If and when it happens (I tend, alas, to the When camp) there will inevitably be mass chaos. Having thousands of people in all the relevant agencies who have at least thought about it, have tried to imagine all the scenarios, have mooted solutions, and perhaps even experimented with the ones that will inevitably be not what happens - all this is crucial. It will be the difference between life and death for people who at the moment are simply going about their ordinary lives.

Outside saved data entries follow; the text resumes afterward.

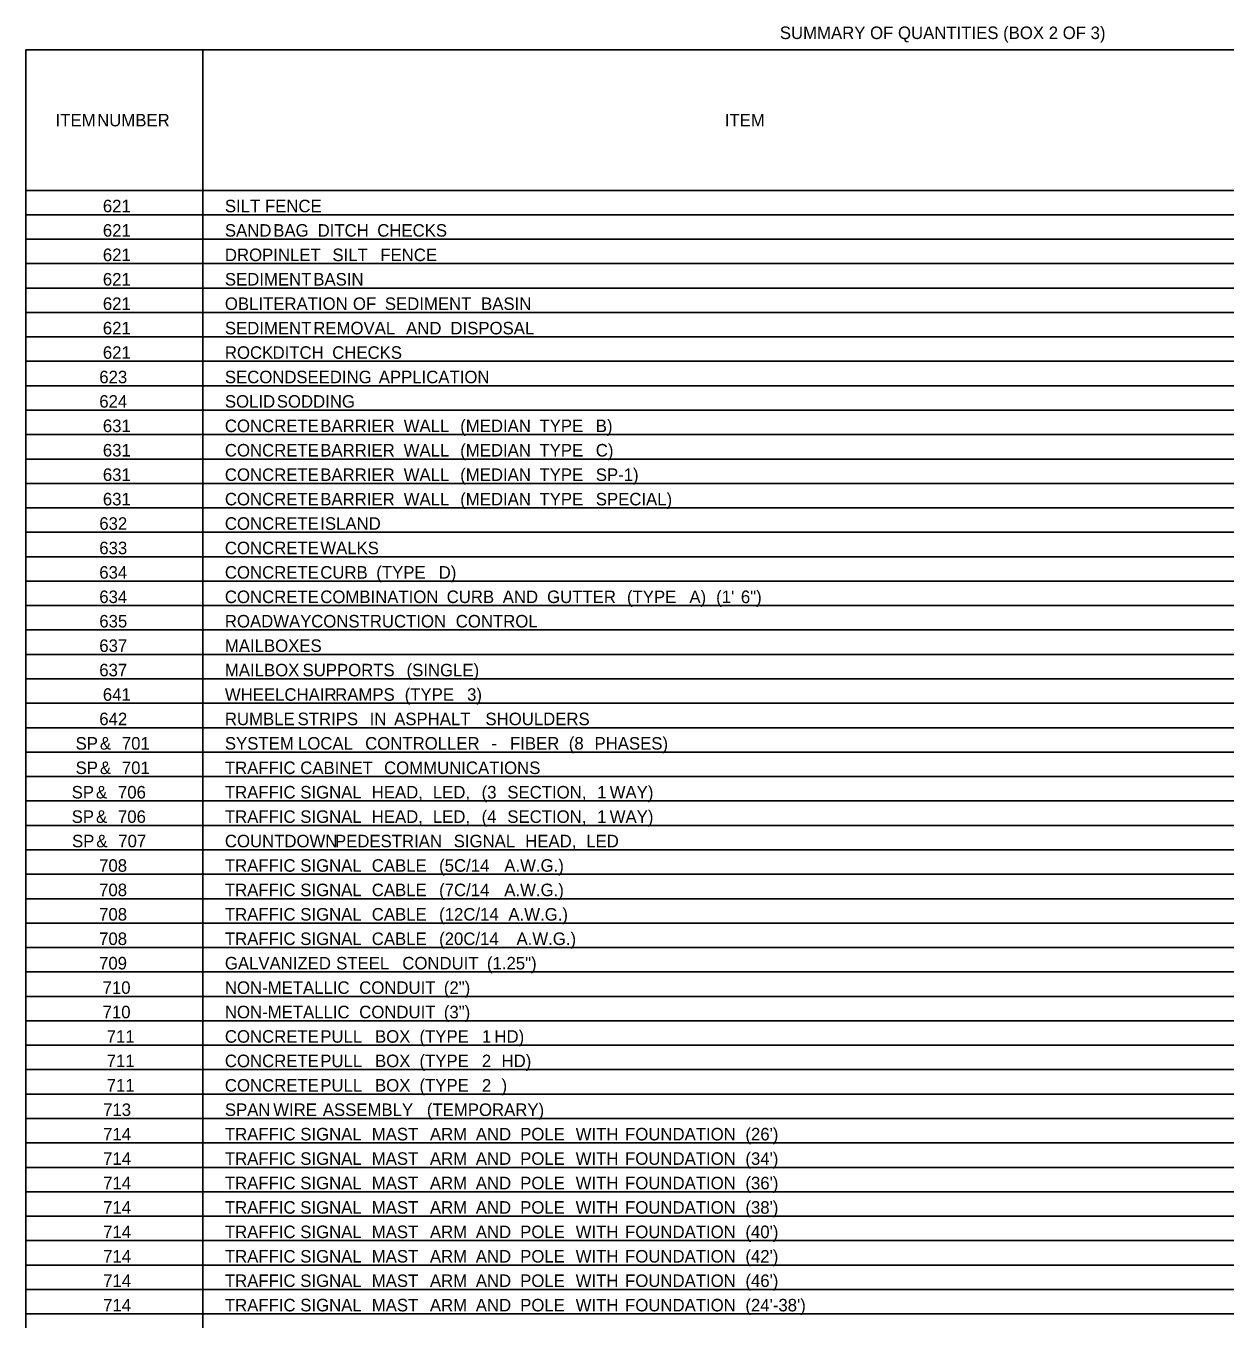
# Model space of a CAD drawing. Extents: x 1226603 to 1228117, y 151305 to 152343.
# Drawn here: x 1227295.3 to 1227702.3, y 151801.3 to 152240.1 of the extents above; entities that cross this region are included whole.
import ezdxf

# ---------------------------------------------------------------- set-up
doc = ezdxf.new("R2010")
doc.units = 0
doc.layers.add('R_Dimension', color=7, linetype='Continuous')

msp = doc.modelspace()

# ---------------------------------------------------------------- linework, layer by layer
at = {"layer": 'R_Dimension'}
for p, q in [((1227295.33, 152231.95), (1227925.18, 152231.95)), ((1227295.33, 151330.69), (1227295.33, 152231.95)), ((1227355.42, 151330.69), (1227355.42, 152231.95)), ((1227295.33, 152184.3), (1227925.18, 152184.3)), ((1227295.33, 152176.01), (1227925.18, 152176.01)), ((1227295.33, 152167.73), (1227925.18, 152167.73)), ((1227295.33, 152159.44), (1227925.18, 152159.44)), ((1227295.33, 152151.15), (1227925.18, 152151.15)), ((1227295.33, 152142.86), (1227925.18, 152142.86)), ((1227295.33, 152134.58), (1227925.18, 152134.58)), ((1227295.33, 152126.29), (1227925.18, 152126.29)), ((1227295.33, 152118), (1227925.18, 152118)), ((1227295.33, 152109.71), (1227925.18, 152109.71)), ((1227295.33, 152101.43), (1227925.18, 152101.43)), ((1227295.33, 152093.14), (1227925.18, 152093.14)), ((1227295.33, 152084.85), (1227925.18, 152084.85)), ((1227295.33, 152076.56), (1227925.18, 152076.56)), ((1227295.33, 152068.28), (1227925.18, 152068.28)), ((1227295.33, 152059.99), (1227925.18, 152059.99)), ((1227295.33, 152051.7), (1227925.18, 152051.7)), ((1227295.33, 152043.41), (1227925.18, 152043.41)), ((1227295.33, 152035.13), (1227925.18, 152035.13)), ((1227295.33, 152026.84), (1227925.18, 152026.84)), ((1227295.33, 152018.55), (1227925.18, 152018.55)), ((1227295.33, 152010.26), (1227925.18, 152010.26)), ((1227295.33, 152001.98), (1227925.18, 152001.98)), ((1227295.33, 151993.69), (1227925.18, 151993.69)), ((1227295.33, 151985.4), (1227925.18, 151985.4)), ((1227295.33, 151977.11), (1227925.18, 151977.11)), ((1227295.33, 151968.83), (1227925.18, 151968.83)), ((1227295.33, 151960.54), (1227925.18, 151960.54)), ((1227295.33, 151952.25), (1227925.18, 151952.25)), ((1227295.33, 151943.96), (1227925.18, 151943.96)), ((1227295.33, 151935.68), (1227925.18, 151935.68)), ((1227295.33, 151927.39), (1227925.18, 151927.39)), ((1227295.33, 151919.1), (1227925.18, 151919.1)), ((1227295.33, 151910.81), (1227925.18, 151910.81)), ((1227295.33, 151902.53), (1227925.18, 151902.53)), ((1227295.33, 151894.24), (1227925.18, 151894.24)), ((1227295.33, 151885.95), (1227925.18, 151885.95)), ((1227295.33, 151877.66), (1227925.18, 151877.66)), ((1227295.33, 151869.38), (1227925.18, 151869.38)), ((1227295.33, 151861.09), (1227925.18, 151861.09)), ((1227295.33, 151852.8), (1227925.18, 151852.8)), ((1227295.33, 151844.51), (1227925.18, 151844.51)), ((1227295.33, 151836.23), (1227925.18, 151836.23)), ((1227295.33, 151827.94), (1227925.18, 151827.94)), ((1227295.33, 151819.65), (1227925.18, 151819.65)), ((1227295.33, 151811.36), (1227925.18, 151811.36)), ((1227295.33, 151803.08), (1227925.18, 151803.08))]:
    msp.add_line(p, q, dxfattribs=at)

# ---------------------------------------------------------------- texts
for s, p in [('SUMMARY OF QUANTITIES (BOX 2 OF 3)', (1227551.19, 152235.63)), ('ITEM', (1227305.43, 152206)), (' NUMBER', (1227317.94, 152206)), ('ITEM', (1227532.52, 152206)), ('621', (1227321.46, 152176.86)), ('SILT', (1227362.87, 152176.86)), (' FENCE', (1227374.89, 152176.86)), ('621', (1227321.46, 152168.58)), ('SAND', (1227362.87, 152168.58)), (' BAG', (1227377.7, 152168.58)), (' DITCH', (1227392.76, 152168.58)), (' CHECKS', (1227413, 152168.58)), ('621', (1227321.46, 152160.29)), ('DROP', (1227362.87, 152160.29)), (' INLET', (1227377.7, 152160.29)), (' SILT', (1227397.78, 152160.29)), (' FENCE', (1227414.04, 152160.29)), ('621', (1227321.46, 152152)), ('SEDIMENT', (1227362.87, 152152)), (' BASIN', (1227391.29, 152152)), ('621', (1227321.46, 152143.71)), ('OBLITERATION', (1227362.87, 152143.71)), (' OF', (1227404.74, 152143.71)), (' SEDIMENT', (1227415.58, 152143.71)), (' BASIN', (1227448.24, 152143.71)), ('621', (1227321.46, 152135.43)), ('SEDIMENT', (1227362.87, 152135.43)), (' REMOVAL', (1227391.29, 152135.43)), (' AND', (1227422.78, 152135.43)), (' DISPOSAL', (1227437.84, 152135.43)), ('621', (1227321.46, 152127.14)), ('ROCK', (1227362.87, 152127.14)), (' DITCH', (1227377.47, 152127.14)), (' CHECKS', (1227397.71, 152127.14)), ('623', (1227320.25, 152118.85)), ('SECOND', (1227362.87, 152118.85)), (' SEEDING', (1227385.53, 152118.85)), (' APPLICATION', (1227413.51, 152118.85)), ('624', (1227320.25, 152110.56)), ('SOLID', (1227362.87, 152110.56)), (' SODDING', (1227378.9, 152110.56)), ('631', (1227321.46, 152102.28)), ('CONCRETE', (1227362.87, 152102.28)), (' BARRIER', (1227393.66, 152102.28)), (' WALL', (1227421.97, 152102.28)), (' (MEDIAN', (1227441.15, 152102.28)), (' TYPE', (1227468.05, 152102.28)), (' B)', (1227487.16, 152102.28)), ('631', (1227321.46, 152093.99)), ('CONCRETE', (1227362.87, 152093.99)), (' BARRIER', (1227393.66, 152093.99)), (' WALL', (1227421.97, 152093.99)), (' (MEDIAN', (1227441.15, 152093.99)), (' TYPE', (1227468.05, 152093.99)), (' C)', (1227487.16, 152093.99)), ('631', (1227321.46, 152085.7)), ('CONCRETE', (1227362.87, 152085.7)), (' BARRIER', (1227393.66, 152085.7)), (' WALL', (1227421.97, 152085.7)), (' (MEDIAN', (1227441.15, 152085.7)), (' TYPE', (1227468.05, 152085.7)), (' SP-1)', (1227487.16, 152085.7)), (' (MEDIAN', (1227441.15, 152077.41)), (' SPECIAL)', (1227487.16, 152077.41)), ('631', (1227321.46, 152077.41)), ('CONCRETE', (1227362.87, 152077.41)), (' BARRIER', (1227393.66, 152077.41)), (' WALL', (1227421.97, 152077.41)), (' TYPE', (1227468.05, 152077.41)), ('632', (1227320.25, 152069.13)), ('CONCRETE', (1227362.87, 152069.13)), (' ISLAND', (1227393.66, 152069.13)), ('633', (1227320.25, 152060.84)), ('CONCRETE', (1227362.87, 152060.84)), (' WALKS', (1227393.66, 152060.84)), ('634', (1227320.25, 152052.55)), ('CONCRETE', (1227362.87, 152052.55)), (' CURB', (1227393.66, 152052.55)), (' (TYPE', (1227412.67, 152052.55)), (' D)', (1227433.85, 152052.55)), ('634', (1227320.25, 152044.26)), ('CONCRETE', (1227362.87, 152044.26)), (' COMBINATION', (1227393.66, 152044.26)), (' CURB', (1227436.56, 152044.26)), (' AND', (1227455.57, 152044.26)), (' GUTTER', (1227470.63, 152044.26)), (' (TYPE', (1227497.74, 152044.26)), (' A)', (1227518.92, 152044.26)), (" (1'", (1227527.99, 152044.26)), (' 6")', (1227536.39, 152044.26)), ('635', (1227320.25, 152035.98)), ('ROADWAY', (1227362.87, 152035.98)), (' CONSTRUCTION', (1227390.58, 152035.98)), (' CONTROL', (1227439.64, 152035.98)), ('637', (1227320.25, 152027.69)), ('MAILBOXES', (1227362.87, 152027.69)), ('637', (1227320.25, 152019.4)), ('MAILBOX', (1227362.87, 152019.4)), (' SUPPORTS', (1227387.64, 152019.4)), (' (SINGLE)', (1227422.94, 152019.4)), ('641', (1227321.46, 152011.11)), ('WHEELCHAIR', (1227362.87, 152011.11)), (' RAMPS', (1227398.72, 152011.11)), (' (TYPE', (1227422.31, 152011.11)), (' 3)', (1227443.49, 152011.11)), ('642', (1227320.25, 152002.83)), ('RUMBLE', (1227362.87, 152002.83)), (' STRIPS', (1227385.97, 152002.83)), (' IN', (1227410.43, 152002.83)), (' ASPHALT', (1227418.73, 152002.83)), (' SHOULDERS', (1227449.72, 152002.83)), ('SP', (1227312.21, 151994.54)), (' &', (1227318.87, 151994.54)), (' 701', (1227326.33, 151994.54)), ('SYSTEM', (1227362.87, 151994.54)), (' LOCAL', (1227386.1, 151994.54)), (' CONTROLLER', (1227408.89, 151994.54)), (' FIBER', (1227458.05, 151994.54)), (' (8', (1227477.99, 151994.54)), (' PHASES)', (1227486.73, 151994.54)), (' -', (1227451.72, 151994.54)), ('SP', (1227312.21, 151986.25)), (' &', (1227318.87, 151986.25)), (' 701', (1227326.33, 151986.25)), ('TRAFFIC', (1227362.87, 151986.25)), (' CABINET', (1227386.87, 151986.25)), (' COMMUNICATIONS', (1227415.31, 151986.25)), ('SP', (1227310.88, 151977.96)), (' &', (1227317.54, 151977.96)), (' 706', (1227325.01, 151977.96)), ('TRAFFIC', (1227362.87, 151977.96)), (' SIGNAL', (1227386.87, 151977.96)), (' HEAD,', (1227411.13, 151977.96)), (' LED,', (1227431.85, 151977.96)), (' (3', (1227448.41, 151977.96)), (' SECTION,', (1227457.14, 151977.96)), (' 1', (1227487.63, 151977.96)), (' WAY)', (1227491.88, 151977.96)), ('SP', (1227310.88, 151969.68)), (' &', (1227317.54, 151969.68)), (' 706', (1227325.01, 151969.68)), ('TRAFFIC', (1227362.87, 151969.68)), (' SIGNAL', (1227386.87, 151969.68)), (' HEAD,', (1227411.13, 151969.68)), (' LED,', (1227431.85, 151969.68)), (' (4', (1227448.41, 151969.68)), (' SECTION,', (1227457.14, 151969.68)), (' 1', (1227487.63, 151969.68)), (' WAY)', (1227491.88, 151969.68)), ('SP', (1227311, 151961.39)), (' &', (1227317.66, 151961.39)), (' 707', (1227325.12, 151961.39)), ('COUNTDOWN', (1227362.87, 151961.39)), (' PEDESTRIAN', (1227398.65, 151961.39)), (' SIGNAL', (1227438.94, 151961.39)), (' HEAD,', (1227463.2, 151961.39)), (' LED', (1227483.92, 151961.39)), ('708', (1227320.19, 151953.1)), ('TRAFFIC', (1227362.87, 151953.1)), (' SIGNAL', (1227386.87, 151953.1)), (' CABLE', (1227411.13, 151953.1)), (' (5C/14', (1227433.99, 151953.1)), (' A.W.G.)', (1227456.11, 151953.1)), ('708', (1227320.19, 151944.81)), ('TRAFFIC', (1227362.87, 151944.81)), (' SIGNAL', (1227386.87, 151944.81)), (' CABLE', (1227411.13, 151944.81)), (' (7C/14', (1227433.99, 151944.81)), (' A.W.G.)', (1227456.11, 151944.81)), ('708', (1227320.19, 151936.53)), ('TRAFFIC', (1227362.87, 151936.53)), (' SIGNAL', (1227386.87, 151936.53)), (' CABLE', (1227411.13, 151936.53)), (' (12C/14', (1227433.99, 151936.53)), (' A.W.G.)', (1227457.51, 151936.53)), (' (20C/14', (1227433.99, 151928.24)), (' A.W.G.)', (1227460.26, 151928.24)), ('708', (1227320.19, 151928.24)), ('TRAFFIC', (1227362.87, 151928.24)), (' SIGNAL', (1227386.87, 151928.24)), (' CABLE', (1227411.13, 151928.24)), ('709', (1227320.17, 151919.95)), ('GALVANIZED', (1227362.87, 151919.95)), (' STEEL', (1227399.05, 151919.95)), (' CONDUIT', (1227421.5, 151919.95)), (' (1.25")', (1227450.22, 151919.95)), ('710', (1227321.38, 151911.66)), ('NON-METALLIC', (1227362.87, 151911.66)), (' CONDUIT', (1227406.88, 151911.66)), (' (2")', (1227435.59, 151911.66)), ('710', (1227321.38, 151903.38)), ('NON-METALLIC', (1227362.87, 151903.38)), (' CONDUIT', (1227406.88, 151903.38)), (' (3")', (1227435.59, 151903.38)), ('711', (1227322.76, 151895.09)), ('CONCRETE', (1227362.87, 151895.09)), (' PULL', (1227393.66, 151895.09)), (' BOX', (1227412.24, 151895.09)), (' (TYPE', (1227427.33, 151895.09)), (' 1', (1227448.51, 151895.09)), (' HD)', (1227452.76, 151895.09)), ('711', (1227322.76, 151886.8)), ('CONCRETE', (1227362.87, 151886.8)), (' PULL', (1227393.66, 151886.8)), (' BOX', (1227412.24, 151886.8)), (' (TYPE', (1227427.33, 151886.8)), (' 2', (1227448.51, 151886.8)), (' HD)', (1227455.17, 151886.8)), ('711', (1227322.76, 151878.51)), ('CONCRETE', (1227362.87, 151878.51)), (' PULL', (1227393.66, 151878.51)), (' BOX', (1227412.24, 151878.51)), (' (TYPE', (1227427.33, 151878.51)), (' 2', (1227448.51, 151878.51)), (' )', (1227455.17, 151878.51)), ('713', (1227321.56, 151870.23)), ('SPAN', (1227362.87, 151870.23)), (' WIRE', (1227377.7, 151870.23)), (' ASSEMBLY', (1227394.53, 151870.23)), (' (TEMPORARY)', (1227429.84, 151870.23)), ('714', (1227321.56, 151861.94)), ('TRAFFIC', (1227362.87, 151861.94)), (' SIGNAL', (1227386.87, 151861.94)), (' MAST', (1227411.13, 151861.94)), (' ARM', (1227430.87, 151861.94)), (' AND', (1227446.44, 151861.94)), (' POLE', (1227461.5, 151861.94)), (' WITH', (1227480.34, 151861.94)), (' FOUNDATION', (1227497.1, 151861.94)), (" (26')", (1227537.93, 151861.94)), (" (34')", (1227537.93, 151853.65)), ('714', (1227321.56, 151853.65)), ('TRAFFIC', (1227362.87, 151853.65)), (' SIGNAL', (1227386.87, 151853.65)), (' MAST', (1227411.13, 151853.65)), (' ARM', (1227430.87, 151853.65)), (' AND', (1227446.44, 151853.65)), (' POLE', (1227461.5, 151853.65)), (' WITH', (1227480.34, 151853.65)), (' FOUNDATION', (1227497.1, 151853.65)), ('714', (1227321.56, 151845.36)), ('TRAFFIC', (1227362.87, 151845.36)), (' SIGNAL', (1227386.87, 151845.36)), (' MAST', (1227411.13, 151845.36)), (' ARM', (1227430.87, 151845.36)), (' AND', (1227446.44, 151845.36)), (' POLE', (1227461.5, 151845.36)), (' WITH', (1227480.34, 151845.36)), (' FOUNDATION', (1227497.1, 151845.36)), (" (36')", (1227537.93, 151845.36)), ('714', (1227321.56, 151837.08)), ('TRAFFIC', (1227362.87, 151837.08)), (' SIGNAL', (1227386.87, 151837.08)), (' MAST', (1227411.13, 151837.08)), (' ARM', (1227430.87, 151837.08)), (' AND', (1227446.44, 151837.08)), (' POLE', (1227461.5, 151837.08)), (' WITH', (1227480.34, 151837.08)), (' FOUNDATION', (1227497.1, 151837.08)), (" (38')", (1227537.93, 151837.08)), ('714', (1227321.56, 151828.79)), ('TRAFFIC', (1227362.87, 151828.79)), (' SIGNAL', (1227386.87, 151828.79)), (' MAST', (1227411.13, 151828.79)), (' ARM', (1227430.87, 151828.79)), (' AND', (1227446.44, 151828.79)), (' POLE', (1227461.5, 151828.79)), (' WITH', (1227480.34, 151828.79)), (' FOUNDATION', (1227497.1, 151828.79)), (" (40')", (1227537.93, 151828.79)), ('714', (1227321.56, 151820.5)), ('TRAFFIC', (1227362.87, 151820.5)), (' SIGNAL', (1227386.87, 151820.5)), (' MAST', (1227411.13, 151820.5)), (' ARM', (1227430.87, 151820.5)), (' AND', (1227446.44, 151820.5)), (' POLE', (1227461.5, 151820.5)), (' WITH', (1227480.34, 151820.5)), (' FOUNDATION', (1227497.1, 151820.5)), (" (42')", (1227537.93, 151820.5)), ('714', (1227321.56, 151812.21)), ('TRAFFIC', (1227362.87, 151812.21)), (' SIGNAL', (1227386.87, 151812.21)), (' MAST', (1227411.13, 151812.21)), (' ARM', (1227430.87, 151812.21)), (' AND', (1227446.44, 151812.21)), (' POLE', (1227461.5, 151812.21)), (' WITH', (1227480.34, 151812.21)), (' FOUNDATION', (1227497.1, 151812.21)), (" (46')", (1227537.93, 151812.21)), ('714', (1227321.56, 151803.93)), ('TRAFFIC', (1227362.87, 151803.93)), (' SIGNAL', (1227386.87, 151803.93)), (' MAST', (1227411.13, 151803.93)), (' ARM', (1227430.87, 151803.93)), (' AND', (1227446.44, 151803.93)), (' POLE', (1227461.5, 151803.93)), (' WITH', (1227480.34, 151803.93)), (' FOUNDATION', (1227497.1, 151803.93)), (" (24'-38')", (1227537.93, 151803.93))]:
    msp.add_text(s, height=4.25, dxfattribs=at).set_placement(p)

doc.saveas('drawing.dxf')

It will also mean that when the war comes, our preparations will be vastly better than those of the other side, so that the televised chaos over there will look worse, the ability to recuperate will be held up as proof the danger wasn't so dramatic, and the "proportionality brigade" of self anointed legal experts will swing into action, followed by the world's media, then the UN, and eventually even some of America's anguished Jews. This is all inevitable, but quite irrelevant. Should we refrain from trying to prepare for the worst so as to win some world opinion brownie points for our suffering? Of course not.

2 comments:

Anonymous said...

I wish you all the best for the training
- may Murphy's law (what can go wrong will eventually go wrong) have inspired all those who developed scenarios that need to be trained and afterwards evaluated blinker- and blame-free.

Silke

Anonymous said...

youre going to get your asses tanned for what you have done to palestine, mark my words yids.